─── Supplied entries

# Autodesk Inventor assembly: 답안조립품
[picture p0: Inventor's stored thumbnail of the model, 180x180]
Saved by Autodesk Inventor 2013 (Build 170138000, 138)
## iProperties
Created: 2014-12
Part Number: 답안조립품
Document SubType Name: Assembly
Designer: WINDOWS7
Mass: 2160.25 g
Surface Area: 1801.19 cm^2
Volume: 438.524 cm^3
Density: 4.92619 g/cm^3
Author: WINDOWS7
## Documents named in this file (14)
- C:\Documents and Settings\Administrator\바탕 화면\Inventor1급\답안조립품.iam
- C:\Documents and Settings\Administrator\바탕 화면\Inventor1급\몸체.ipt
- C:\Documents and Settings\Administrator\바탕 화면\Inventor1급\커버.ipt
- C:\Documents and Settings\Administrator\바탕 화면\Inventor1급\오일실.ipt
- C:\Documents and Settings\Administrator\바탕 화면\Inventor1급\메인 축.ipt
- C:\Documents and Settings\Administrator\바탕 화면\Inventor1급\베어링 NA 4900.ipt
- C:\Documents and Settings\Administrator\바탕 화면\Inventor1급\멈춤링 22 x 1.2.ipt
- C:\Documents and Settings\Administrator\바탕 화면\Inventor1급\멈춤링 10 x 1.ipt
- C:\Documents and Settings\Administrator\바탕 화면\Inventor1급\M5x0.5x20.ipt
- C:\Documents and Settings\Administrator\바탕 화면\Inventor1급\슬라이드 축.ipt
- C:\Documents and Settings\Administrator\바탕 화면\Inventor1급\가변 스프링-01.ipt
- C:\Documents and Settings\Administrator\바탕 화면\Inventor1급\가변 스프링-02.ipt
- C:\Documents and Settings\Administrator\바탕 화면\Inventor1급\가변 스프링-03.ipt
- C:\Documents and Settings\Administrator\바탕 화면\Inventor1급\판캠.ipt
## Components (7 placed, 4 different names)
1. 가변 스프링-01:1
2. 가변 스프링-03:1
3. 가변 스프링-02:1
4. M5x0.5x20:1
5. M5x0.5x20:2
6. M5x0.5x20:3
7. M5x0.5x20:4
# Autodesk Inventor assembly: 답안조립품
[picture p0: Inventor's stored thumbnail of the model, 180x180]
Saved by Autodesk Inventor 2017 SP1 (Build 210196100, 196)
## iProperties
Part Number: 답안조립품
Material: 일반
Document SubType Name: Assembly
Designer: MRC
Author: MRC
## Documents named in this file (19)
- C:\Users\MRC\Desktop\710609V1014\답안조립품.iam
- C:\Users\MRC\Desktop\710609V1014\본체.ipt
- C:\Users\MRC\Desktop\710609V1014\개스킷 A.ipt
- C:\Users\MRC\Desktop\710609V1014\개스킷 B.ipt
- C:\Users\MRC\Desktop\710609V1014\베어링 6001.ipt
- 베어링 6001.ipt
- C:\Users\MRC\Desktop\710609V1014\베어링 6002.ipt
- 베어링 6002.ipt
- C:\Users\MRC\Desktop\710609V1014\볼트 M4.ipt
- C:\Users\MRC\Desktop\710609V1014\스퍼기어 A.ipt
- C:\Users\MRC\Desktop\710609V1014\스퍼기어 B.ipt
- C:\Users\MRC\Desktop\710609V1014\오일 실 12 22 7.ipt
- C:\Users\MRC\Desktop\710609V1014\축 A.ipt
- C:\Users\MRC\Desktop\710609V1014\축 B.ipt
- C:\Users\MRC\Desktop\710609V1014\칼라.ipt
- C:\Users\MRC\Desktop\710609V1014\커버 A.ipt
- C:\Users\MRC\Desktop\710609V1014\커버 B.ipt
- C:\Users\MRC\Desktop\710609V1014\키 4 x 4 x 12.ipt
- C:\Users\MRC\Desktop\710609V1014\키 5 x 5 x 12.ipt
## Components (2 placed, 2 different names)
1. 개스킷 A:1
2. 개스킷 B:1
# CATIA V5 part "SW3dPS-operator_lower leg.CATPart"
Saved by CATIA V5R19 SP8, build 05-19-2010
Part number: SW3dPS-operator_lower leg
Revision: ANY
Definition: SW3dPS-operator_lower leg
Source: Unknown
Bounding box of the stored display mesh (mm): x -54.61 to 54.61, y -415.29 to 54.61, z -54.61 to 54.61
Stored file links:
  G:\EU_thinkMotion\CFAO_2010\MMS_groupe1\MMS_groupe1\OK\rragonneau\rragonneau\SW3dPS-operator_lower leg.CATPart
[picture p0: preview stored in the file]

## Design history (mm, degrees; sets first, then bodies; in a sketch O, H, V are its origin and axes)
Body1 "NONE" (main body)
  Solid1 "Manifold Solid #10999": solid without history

──────

Work item
In the data above, find the line with "Saved by Autodesk Inventor 2017" and the line with "# CATIA V5 part". Retype both, plus every line between them, exactly.

Response below
Saved by Autodesk Inventor 2017 SP1 (Build 210196100, 196)
## iProperties
Part Number: 답안조립품
Material: 일반
Document SubType Name: Assembly
Designer: MRC
Author: MRC
## Documents named in this file (19)
- C:\Users\MRC\Desktop\710609V1014\답안조립품.iam
- C:\Users\MRC\Desktop\710609V1014\본체.ipt
- C:\Users\MRC\Desktop\710609V1014\개스킷 A.ipt
- C:\Users\MRC\Desktop\710609V1014\개스킷 B.ipt
- C:\Users\MRC\Desktop\710609V1014\베어링 6001.ipt
- 베어링 6001.ipt
- C:\Users\MRC\Desktop\710609V1014\베어링 6002.ipt
- 베어링 6002.ipt
- C:\Users\MRC\Desktop\710609V1014\볼트 M4.ipt
- C:\Users\MRC\Desktop\710609V1014\스퍼기어 A.ipt
- C:\Users\MRC\Desktop\710609V1014\스퍼기어 B.ipt
- C:\Users\MRC\Desktop\710609V1014\오일 실 12 22 7.ipt
- C:\Users\MRC\Desktop\710609V1014\축 A.ipt
- C:\Users\MRC\Desktop\710609V1014\축 B.ipt
- C:\Users\MRC\Desktop\710609V1014\칼라.ipt
- C:\Users\MRC\Desktop\710609V1014\커버 A.ipt
- C:\Users\MRC\Desktop\710609V1014\커버 B.ipt
- C:\Users\MRC\Desktop\710609V1014\키 4 x 4 x 12.ipt
- C:\Users\MRC\Desktop\710609V1014\키 5 x 5 x 12.ipt
## Components (2 placed, 2 different names)
1. 개스킷 A:1
2. 개스킷 B:1
# CATIA V5 part "SW3dPS-operator_lower leg.CATPart"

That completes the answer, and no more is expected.